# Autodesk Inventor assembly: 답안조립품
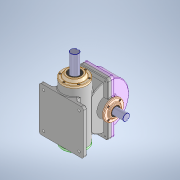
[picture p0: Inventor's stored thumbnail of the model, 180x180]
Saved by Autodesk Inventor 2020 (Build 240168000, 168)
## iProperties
Created: 2023-07
Part Number: 답안조립품
Document SubType Name: Assembly
Designer: oem
Author: oem
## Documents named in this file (14)
- C:\Users\oem\Desktop\730706V1012\답안조립품.iam
- C:\Users\oem\Desktop\730706V1012\본체.ipt
- C:\Users\oem\Desktop\730706V1012\깊은 홈 볼 베어링 6209.ipt
- C:\Users\oem\Desktop\730706V1012\앞커버.ipt
- C:\Users\oem\Desktop\730706V1012\웜 샤프트.ipt
- C:\Users\oem\Desktop\730706V1012\뒤커버.ipt
- C:\Users\oem\Desktop\730706V1012\육각 소켓 머리 볼트 M5 x 12.ipt
- C:\Users\oem\Desktop\730706V1012\오일 실 35 55 11.ipt
- C:\Users\oem\Desktop\730706V1012\깊은 홈 볼 베어링 6206.ipt
- C:\Users\oem\Desktop\730706V1012\웜 휠.ipt
- C:\Users\oem\Desktop\730706V1012\본체 커버.ipt
- C:\Users\oem\Desktop\730706V1012\육각 소켓 머리 볼트 M6 x 20.ipt
- C:\Users\oem\Desktop\730706V1012\서브커버.ipt
- C:\Users\oem\Desktop\730706V1012\오일 실 30 42 7.ipt

- - -

ABOUT THIS EXERCISE ▸
Each entry, word for word, belongs in your answer; each picture does not.

FINISHED EXERCISE ▸
# Autodesk Inventor assembly: 답안조립품
[picture p0: Inventor's stored thumbnail of the model, 180x180]
Saved by Autodesk Inventor 2020 (Build 240168000, 168)
## iProperties
Created: 2023-07
Part Number: 답안조립품
Document SubType Name: Assembly
Designer: oem
Author: oem
## Documents named in this file (14)
- C:\Users\oem\Desktop\730706V1012\답안조립품.iam
- C:\Users\oem\Desktop\730706V1012\본체.ipt
- C:\Users\oem\Desktop\730706V1012\깊은 홈 볼 베어링 6209.ipt
- C:\Users\oem\Desktop\730706V1012\앞커버.ipt
- C:\Users\oem\Desktop\730706V1012\웜 샤프트.ipt
- C:\Users\oem\Desktop\730706V1012\뒤커버.ipt
- C:\Users\oem\Desktop\730706V1012\육각 소켓 머리 볼트 M5 x 12.ipt
- C:\Users\oem\Desktop\730706V1012\오일 실 35 55 11.ipt
- C:\Users\oem\Desktop\730706V1012\깊은 홈 볼 베어링 6206.ipt
- C:\Users\oem\Desktop\730706V1012\웜 휠.ipt
- C:\Users\oem\Desktop\730706V1012\본체 커버.ipt
- C:\Users\oem\Desktop\730706V1012\육각 소켓 머리 볼트 M6 x 20.ipt
- C:\Users\oem\Desktop\730706V1012\서브커버.ipt
- C:\Users\oem\Desktop\730706V1012\오일 실 30 42 7.ipt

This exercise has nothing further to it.